YOUR ASSIGNMENT =
The answer must consist of every line below that contains the word "values".

Stored entries
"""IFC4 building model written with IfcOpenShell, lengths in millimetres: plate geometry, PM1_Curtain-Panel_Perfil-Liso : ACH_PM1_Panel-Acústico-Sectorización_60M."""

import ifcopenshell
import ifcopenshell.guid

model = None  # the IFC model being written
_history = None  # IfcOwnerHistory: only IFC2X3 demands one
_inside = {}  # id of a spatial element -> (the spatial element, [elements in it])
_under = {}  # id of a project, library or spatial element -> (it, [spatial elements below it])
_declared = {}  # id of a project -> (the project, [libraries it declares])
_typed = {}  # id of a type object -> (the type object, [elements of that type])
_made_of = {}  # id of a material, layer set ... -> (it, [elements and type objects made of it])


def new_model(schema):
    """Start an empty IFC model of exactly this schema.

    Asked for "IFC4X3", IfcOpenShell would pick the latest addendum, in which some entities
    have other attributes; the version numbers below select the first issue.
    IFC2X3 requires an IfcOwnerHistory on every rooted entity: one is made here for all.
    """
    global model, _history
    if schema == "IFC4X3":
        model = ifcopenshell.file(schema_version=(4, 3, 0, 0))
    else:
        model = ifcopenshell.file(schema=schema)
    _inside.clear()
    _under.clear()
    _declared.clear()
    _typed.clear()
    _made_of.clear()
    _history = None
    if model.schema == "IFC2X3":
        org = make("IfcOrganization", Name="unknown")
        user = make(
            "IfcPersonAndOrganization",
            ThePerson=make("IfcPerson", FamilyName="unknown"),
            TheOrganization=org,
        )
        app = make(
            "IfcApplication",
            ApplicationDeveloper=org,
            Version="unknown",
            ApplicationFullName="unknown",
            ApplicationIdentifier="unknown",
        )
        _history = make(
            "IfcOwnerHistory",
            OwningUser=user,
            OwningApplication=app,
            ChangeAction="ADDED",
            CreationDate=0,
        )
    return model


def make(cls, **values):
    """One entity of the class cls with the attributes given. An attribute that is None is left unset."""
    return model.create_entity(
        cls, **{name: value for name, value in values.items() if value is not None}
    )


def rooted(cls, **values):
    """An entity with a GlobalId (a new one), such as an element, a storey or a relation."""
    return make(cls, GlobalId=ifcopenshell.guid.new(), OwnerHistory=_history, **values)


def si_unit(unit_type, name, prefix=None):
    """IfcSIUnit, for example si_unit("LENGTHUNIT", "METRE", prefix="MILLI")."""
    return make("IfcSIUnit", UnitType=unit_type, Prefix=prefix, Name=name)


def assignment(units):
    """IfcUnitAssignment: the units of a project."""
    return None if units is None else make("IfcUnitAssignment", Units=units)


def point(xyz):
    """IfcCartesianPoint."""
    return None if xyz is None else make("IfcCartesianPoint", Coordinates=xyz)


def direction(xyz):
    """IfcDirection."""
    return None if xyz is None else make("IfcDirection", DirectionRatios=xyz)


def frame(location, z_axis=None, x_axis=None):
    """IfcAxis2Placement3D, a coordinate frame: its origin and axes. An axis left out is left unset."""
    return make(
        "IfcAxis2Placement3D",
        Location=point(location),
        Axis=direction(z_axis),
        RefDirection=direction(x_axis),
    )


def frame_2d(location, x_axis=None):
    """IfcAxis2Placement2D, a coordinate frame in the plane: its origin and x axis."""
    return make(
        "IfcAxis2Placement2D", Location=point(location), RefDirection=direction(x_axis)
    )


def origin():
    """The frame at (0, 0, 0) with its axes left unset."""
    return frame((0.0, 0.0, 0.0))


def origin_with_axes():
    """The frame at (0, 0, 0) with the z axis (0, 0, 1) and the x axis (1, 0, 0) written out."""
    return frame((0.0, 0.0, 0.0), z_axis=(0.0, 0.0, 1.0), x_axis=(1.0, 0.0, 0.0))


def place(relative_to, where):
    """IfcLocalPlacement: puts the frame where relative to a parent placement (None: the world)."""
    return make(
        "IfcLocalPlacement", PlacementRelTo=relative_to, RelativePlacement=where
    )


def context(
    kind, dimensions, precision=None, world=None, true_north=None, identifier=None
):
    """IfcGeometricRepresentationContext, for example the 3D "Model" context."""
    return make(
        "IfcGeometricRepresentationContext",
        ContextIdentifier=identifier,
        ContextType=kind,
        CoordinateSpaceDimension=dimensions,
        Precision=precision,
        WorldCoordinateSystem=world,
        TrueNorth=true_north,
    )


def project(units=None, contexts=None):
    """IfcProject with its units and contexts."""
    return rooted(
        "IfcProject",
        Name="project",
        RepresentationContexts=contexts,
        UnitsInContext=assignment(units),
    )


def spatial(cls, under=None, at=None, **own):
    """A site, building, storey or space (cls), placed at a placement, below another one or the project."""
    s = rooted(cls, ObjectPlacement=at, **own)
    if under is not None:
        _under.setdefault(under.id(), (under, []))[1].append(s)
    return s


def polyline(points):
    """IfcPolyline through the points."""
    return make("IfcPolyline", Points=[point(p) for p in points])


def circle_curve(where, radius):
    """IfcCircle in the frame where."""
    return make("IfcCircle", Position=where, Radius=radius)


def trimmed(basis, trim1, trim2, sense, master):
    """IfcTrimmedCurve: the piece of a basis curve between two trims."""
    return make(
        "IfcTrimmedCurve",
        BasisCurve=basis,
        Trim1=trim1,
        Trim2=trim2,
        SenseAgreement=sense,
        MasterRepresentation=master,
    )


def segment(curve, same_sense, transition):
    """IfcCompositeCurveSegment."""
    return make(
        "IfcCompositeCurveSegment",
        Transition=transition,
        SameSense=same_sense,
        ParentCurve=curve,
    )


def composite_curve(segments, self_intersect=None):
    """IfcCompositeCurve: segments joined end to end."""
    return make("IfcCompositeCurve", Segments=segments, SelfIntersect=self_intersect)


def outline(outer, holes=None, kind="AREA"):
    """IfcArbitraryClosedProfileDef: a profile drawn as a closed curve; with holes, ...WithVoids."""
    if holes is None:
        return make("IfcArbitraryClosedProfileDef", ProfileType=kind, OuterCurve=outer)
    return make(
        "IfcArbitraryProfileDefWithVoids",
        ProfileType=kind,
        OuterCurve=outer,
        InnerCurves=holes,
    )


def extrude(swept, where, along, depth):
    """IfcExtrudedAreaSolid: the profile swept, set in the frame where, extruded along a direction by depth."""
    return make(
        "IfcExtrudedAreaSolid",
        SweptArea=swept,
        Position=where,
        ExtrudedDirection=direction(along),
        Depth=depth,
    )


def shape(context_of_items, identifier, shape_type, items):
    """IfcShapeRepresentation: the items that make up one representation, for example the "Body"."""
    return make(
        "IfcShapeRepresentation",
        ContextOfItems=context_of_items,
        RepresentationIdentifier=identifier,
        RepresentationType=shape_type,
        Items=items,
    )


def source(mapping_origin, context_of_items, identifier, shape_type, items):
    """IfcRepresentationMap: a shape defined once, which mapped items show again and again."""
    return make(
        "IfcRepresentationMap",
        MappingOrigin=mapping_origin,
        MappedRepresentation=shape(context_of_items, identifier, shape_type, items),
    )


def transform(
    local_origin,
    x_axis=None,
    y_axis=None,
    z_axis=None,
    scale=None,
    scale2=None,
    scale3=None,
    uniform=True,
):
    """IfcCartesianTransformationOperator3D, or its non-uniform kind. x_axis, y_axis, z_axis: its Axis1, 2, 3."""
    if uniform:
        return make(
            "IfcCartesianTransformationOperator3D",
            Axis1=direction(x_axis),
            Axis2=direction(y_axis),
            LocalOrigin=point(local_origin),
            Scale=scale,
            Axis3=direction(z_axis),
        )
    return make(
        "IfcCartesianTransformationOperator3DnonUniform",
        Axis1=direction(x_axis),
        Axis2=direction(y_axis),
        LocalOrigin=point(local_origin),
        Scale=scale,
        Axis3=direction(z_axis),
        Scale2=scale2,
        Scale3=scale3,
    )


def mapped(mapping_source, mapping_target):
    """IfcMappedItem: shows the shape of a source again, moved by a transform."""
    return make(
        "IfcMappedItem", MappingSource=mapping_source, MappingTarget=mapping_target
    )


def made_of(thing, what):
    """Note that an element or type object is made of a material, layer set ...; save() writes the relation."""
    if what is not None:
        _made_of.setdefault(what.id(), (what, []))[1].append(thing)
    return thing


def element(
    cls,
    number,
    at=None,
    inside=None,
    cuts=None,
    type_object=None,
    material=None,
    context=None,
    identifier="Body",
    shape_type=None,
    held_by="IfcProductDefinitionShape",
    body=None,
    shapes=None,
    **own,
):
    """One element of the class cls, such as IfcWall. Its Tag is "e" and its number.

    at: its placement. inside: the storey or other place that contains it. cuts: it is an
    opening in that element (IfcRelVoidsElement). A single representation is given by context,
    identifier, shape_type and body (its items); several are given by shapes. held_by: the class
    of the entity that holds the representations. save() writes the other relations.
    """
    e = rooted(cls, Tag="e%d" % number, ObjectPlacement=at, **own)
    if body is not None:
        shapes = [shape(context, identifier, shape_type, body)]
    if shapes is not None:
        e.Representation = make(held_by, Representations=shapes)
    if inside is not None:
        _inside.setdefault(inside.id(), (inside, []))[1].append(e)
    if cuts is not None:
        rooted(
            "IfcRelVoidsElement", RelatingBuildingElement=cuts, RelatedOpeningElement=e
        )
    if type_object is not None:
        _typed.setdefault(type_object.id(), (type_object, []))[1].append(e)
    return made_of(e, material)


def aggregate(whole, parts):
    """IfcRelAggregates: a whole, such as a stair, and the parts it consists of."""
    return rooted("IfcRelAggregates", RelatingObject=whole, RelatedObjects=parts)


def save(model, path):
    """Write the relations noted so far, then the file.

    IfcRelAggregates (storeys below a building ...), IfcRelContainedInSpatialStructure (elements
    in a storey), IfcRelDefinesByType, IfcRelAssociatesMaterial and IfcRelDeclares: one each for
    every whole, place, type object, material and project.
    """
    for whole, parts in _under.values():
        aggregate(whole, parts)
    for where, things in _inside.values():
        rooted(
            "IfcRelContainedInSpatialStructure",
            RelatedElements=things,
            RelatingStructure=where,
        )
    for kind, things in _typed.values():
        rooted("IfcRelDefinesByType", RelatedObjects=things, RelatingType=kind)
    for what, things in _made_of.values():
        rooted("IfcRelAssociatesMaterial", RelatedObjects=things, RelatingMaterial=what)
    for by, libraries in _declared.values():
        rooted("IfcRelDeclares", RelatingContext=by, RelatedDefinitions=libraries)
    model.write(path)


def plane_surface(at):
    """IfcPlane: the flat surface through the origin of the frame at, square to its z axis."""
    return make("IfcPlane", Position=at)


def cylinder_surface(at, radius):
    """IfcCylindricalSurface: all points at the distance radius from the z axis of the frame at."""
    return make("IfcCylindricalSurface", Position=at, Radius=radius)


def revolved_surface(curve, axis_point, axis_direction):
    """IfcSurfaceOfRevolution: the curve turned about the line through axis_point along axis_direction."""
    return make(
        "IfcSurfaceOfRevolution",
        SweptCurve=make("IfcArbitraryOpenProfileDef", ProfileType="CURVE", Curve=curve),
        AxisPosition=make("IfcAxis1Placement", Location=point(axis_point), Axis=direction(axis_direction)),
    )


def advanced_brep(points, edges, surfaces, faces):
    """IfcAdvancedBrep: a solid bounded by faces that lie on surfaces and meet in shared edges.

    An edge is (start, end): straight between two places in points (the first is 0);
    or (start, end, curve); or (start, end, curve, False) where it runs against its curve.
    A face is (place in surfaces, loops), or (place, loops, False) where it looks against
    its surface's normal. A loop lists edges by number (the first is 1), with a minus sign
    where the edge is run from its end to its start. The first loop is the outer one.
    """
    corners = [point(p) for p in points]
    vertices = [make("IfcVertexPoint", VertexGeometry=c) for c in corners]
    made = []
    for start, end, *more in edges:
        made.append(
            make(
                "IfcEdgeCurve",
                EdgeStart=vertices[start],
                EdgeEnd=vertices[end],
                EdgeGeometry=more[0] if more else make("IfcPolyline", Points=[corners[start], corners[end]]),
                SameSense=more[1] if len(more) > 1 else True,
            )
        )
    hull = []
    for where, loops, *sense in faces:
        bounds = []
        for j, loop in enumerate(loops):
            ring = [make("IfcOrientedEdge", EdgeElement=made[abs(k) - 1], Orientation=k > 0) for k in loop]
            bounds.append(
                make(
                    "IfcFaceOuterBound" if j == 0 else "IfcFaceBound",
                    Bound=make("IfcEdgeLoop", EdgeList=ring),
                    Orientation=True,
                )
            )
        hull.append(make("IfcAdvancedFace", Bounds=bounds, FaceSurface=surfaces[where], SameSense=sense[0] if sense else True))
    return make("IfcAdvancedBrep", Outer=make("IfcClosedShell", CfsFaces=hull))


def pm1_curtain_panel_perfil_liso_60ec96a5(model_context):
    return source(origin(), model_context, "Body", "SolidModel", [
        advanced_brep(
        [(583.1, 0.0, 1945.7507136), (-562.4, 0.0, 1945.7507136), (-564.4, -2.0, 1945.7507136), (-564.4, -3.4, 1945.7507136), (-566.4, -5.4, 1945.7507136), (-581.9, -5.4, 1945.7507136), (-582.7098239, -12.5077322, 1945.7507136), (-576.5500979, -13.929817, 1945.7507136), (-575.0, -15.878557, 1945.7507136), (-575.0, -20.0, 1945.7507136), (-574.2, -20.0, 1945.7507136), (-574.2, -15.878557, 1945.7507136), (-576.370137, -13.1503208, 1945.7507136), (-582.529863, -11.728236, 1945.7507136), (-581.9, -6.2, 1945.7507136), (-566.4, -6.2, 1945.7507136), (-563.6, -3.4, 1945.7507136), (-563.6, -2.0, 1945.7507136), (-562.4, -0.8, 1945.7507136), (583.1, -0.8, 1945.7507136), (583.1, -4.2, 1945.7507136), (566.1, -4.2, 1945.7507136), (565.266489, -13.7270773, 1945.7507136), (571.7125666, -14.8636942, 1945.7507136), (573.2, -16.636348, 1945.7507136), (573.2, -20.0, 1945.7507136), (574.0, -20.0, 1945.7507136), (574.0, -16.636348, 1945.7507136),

SOLVED EXERCISE =
def make(cls, **values):
        cls, **{name: value for name, value in values.items() if value is not None}
def rooted(cls, **values):
    return make(cls, GlobalId=ifcopenshell.guid.new(), OwnerHistory=_history, **values)
    for whole, parts in _under.values():
    for where, things in _inside.values():
    for kind, things in _typed.values():
    for what, things in _made_of.values():
    for by, libraries in _declared.values():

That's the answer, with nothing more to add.